E' la paura di luoghi chiusi e angusti che trasmettono a chi ne soffre un senso di mancanza d’aria e di spazio. L'esperto di OK Francesco Saverio Ruggiero spiega come curarla

La claustrofobia è la paura di luoghi chiusi e angusti che trasmettono a chi ne soffre un senso di mancanza d’aria e di spazio. Appartiene alla categoria delle fobie specifiche, vale a dire caratterizzate da un timore irragionevole in caso di esposizione a un determinato oggetto, luogo o situazione, e dalla conseguente tendenza a evitarli drasticamente. Chi ne soffre è pienamente consapevole dell’irrazionalità della sua paura ma non riesce a dominarla, traendone così un disagio molto profondo.
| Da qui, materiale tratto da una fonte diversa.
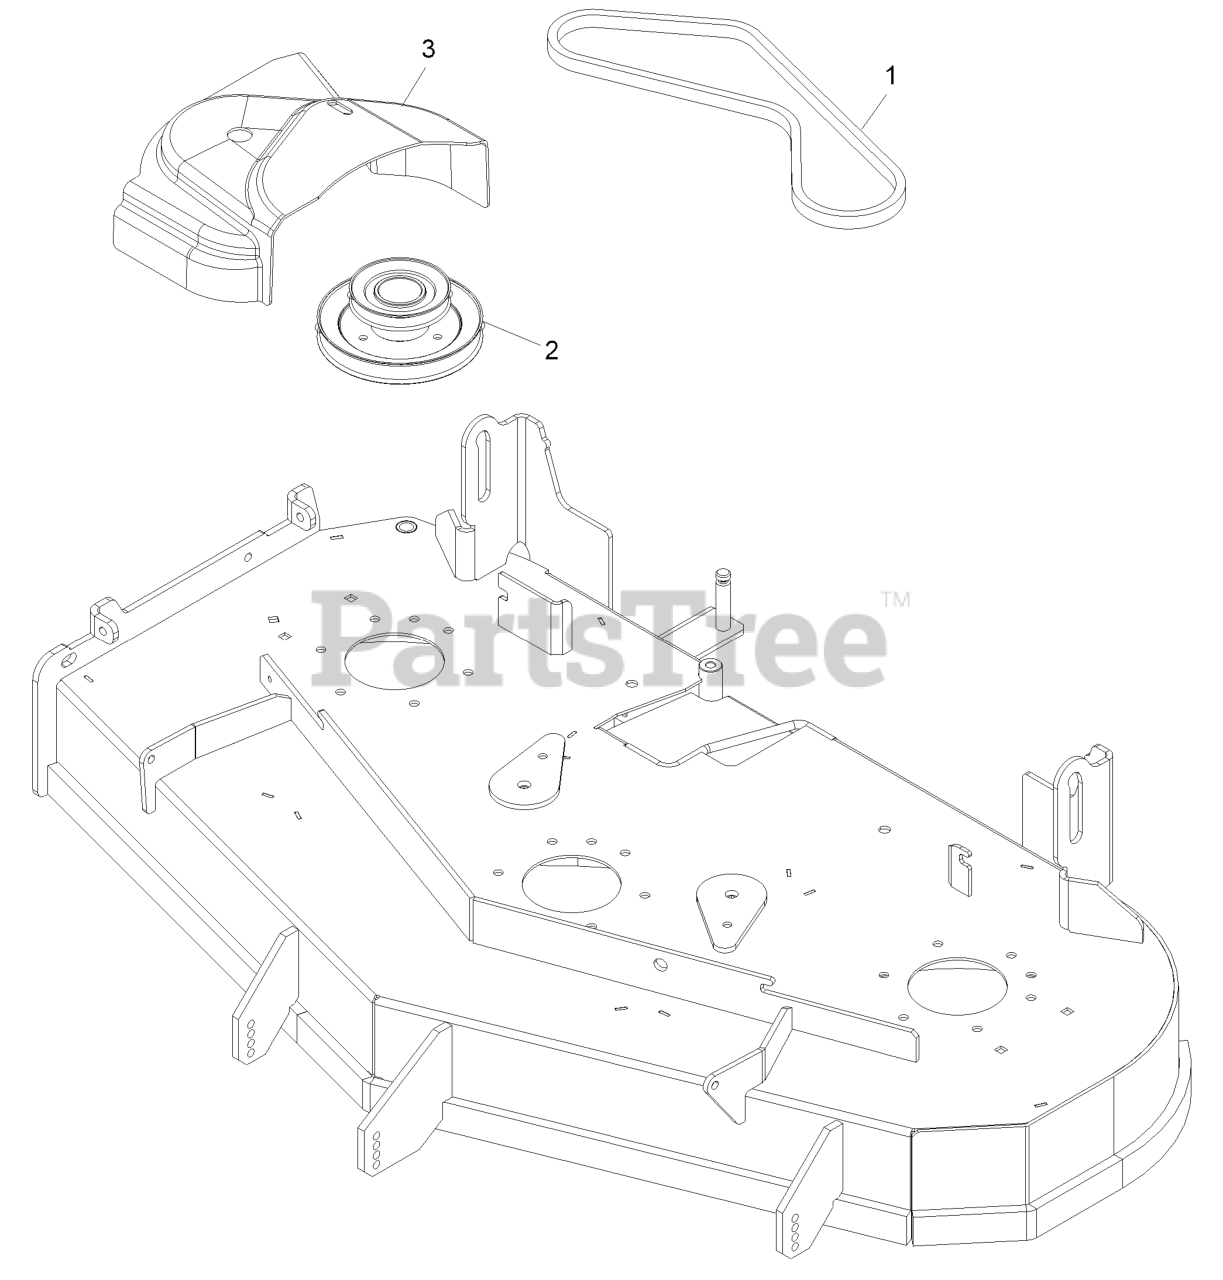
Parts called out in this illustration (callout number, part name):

Francesco Saverio Ruggiero, psichiatra e psicoterapeuta presso la Asl di Avellino, spiega come affrontarla (puoi chiedergli un consulto qui).

SINTOMI. I principali, proprio come accade a Tiberio Timperi, consistono nella sudorazione profusa, tachicardia, agitazione, sensazione che possa accadere qualcosa di spiacevole, senso di soffocamento e di svenimento, se non addirittura di morte imminente. Spesso questi sintomi sono accompagnati dal profondo timore di fare una brutta figura, di destare preoccupazione negli altri, di essere giudicati negativamente.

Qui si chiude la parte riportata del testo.